ENTRIES SHOWN Block Start

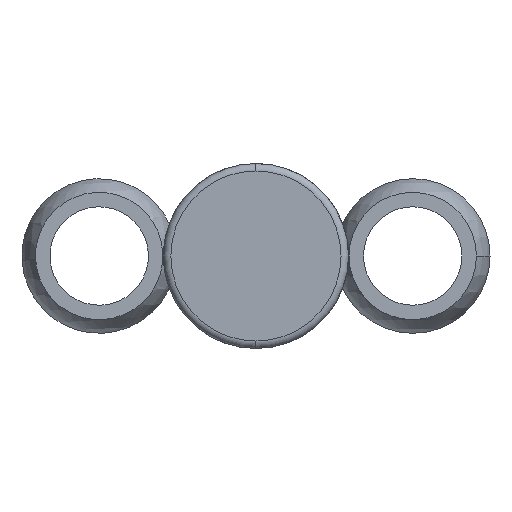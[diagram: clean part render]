
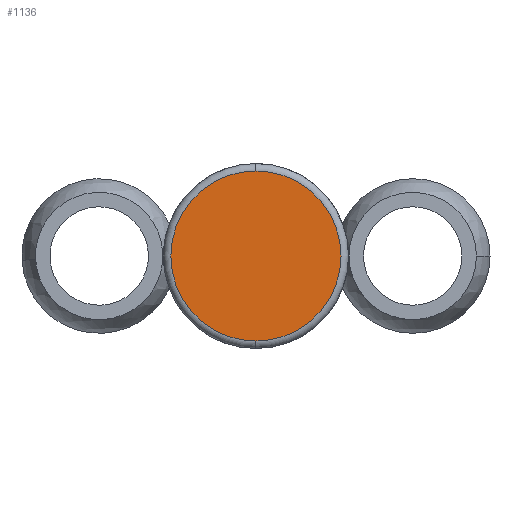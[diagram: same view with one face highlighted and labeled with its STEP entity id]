
A CAD part, front view. The second image highlights one B-rep face of the part: STEP entity #1136.
In plain terms, the highlighted planar face has unit normal (0, -1, 0).
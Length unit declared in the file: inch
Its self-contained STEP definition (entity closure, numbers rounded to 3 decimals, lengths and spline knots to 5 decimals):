
#153 = DIRECTION ( 'NONE',  ( 0., -1., 0. ) ) ;
#199 = CIRCLE ( 'NONE', #1500, 0.34402 ) ;
#200 = DIRECTION ( 'NONE',  ( 0., 1., 0. ) ) ;
#271 = FACE_OUTER_BOUND ( 'NONE', #1555, .T. ) ;
#273 = CARTESIAN_POINT ( 'NONE',  ( 0., -1.26, 0. ) ) ;
#313 = AXIS2_PLACEMENT_3D ( 'NONE', #724, #585, #1437 ) ;
#323 = PLANE ( 'NONE',  #1569 ) ;
#360 = EDGE_CURVE ( 'NONE', #1421, #574, #199, .T. ) ;
#510 = DIRECTION ( 'NONE',  ( 0., 0., 1. ) ) ;
#574 = VERTEX_POINT ( 'NONE', #867 ) ;
#585 = DIRECTION ( 'NONE',  ( 0., -1., 0. ) ) ;
#636 = ORIENTED_EDGE ( 'NONE', *, *, #360, .T. ) ;
#724 = CARTESIAN_POINT ( 'NONE',  ( 0., -1.26, 0. ) ) ;
#829 = CARTESIAN_POINT ( 'NONE',  ( 0., -1.26, 0. ) ) ;
#867 = CARTESIAN_POINT ( 'NONE',  ( 0., -1.26, -0.34402 ) ) ;
#1004 = CIRCLE ( 'NONE', #313, 0.34402 ) ;
#1078 = DIRECTION ( 'NONE',  ( 0., 0., 1. ) ) ;
#1136 = ADVANCED_FACE ( 'NONE', ( #271 ), #323, .F. ) ;
#1342 = ORIENTED_EDGE ( 'NONE', *, *, #1599, .T. ) ;
#1417 = CARTESIAN_POINT ( 'NONE',  ( 0., -1.26, 0.34402 ) ) ;
#1421 = VERTEX_POINT ( 'NONE', #1417 ) ;
#1437 = DIRECTION ( 'NONE',  ( 0., 0., 1. ) ) ;
#1500 = AXIS2_PLACEMENT_3D ( 'NONE', #273, #153, #510 ) ;
#1555 = EDGE_LOOP ( 'NONE', ( #636, #1342 ) ) ;
#1569 = AXIS2_PLACEMENT_3D ( 'NONE', #829, #200, #1078 ) ;
#1599 = EDGE_CURVE ( 'NONE', #574, #1421, #1004, .T. ) ;

ENTRIES SHOWN Block End

WHAT IS NEEDED |
Return nothing but the lines running from the start of the data to the line with "In plain terms, the", please, both ends included and no pictures.

RESULT OF THE EXERCISE |
[diagram: clean part render]
[diagram: same view with one face highlighted and labeled with its STEP entity id]
A CAD part, front view. The second image highlights one B-rep face of the part: STEP entity #1136.
In plain terms, the highlighted planar face has unit normal (0, -1, 0).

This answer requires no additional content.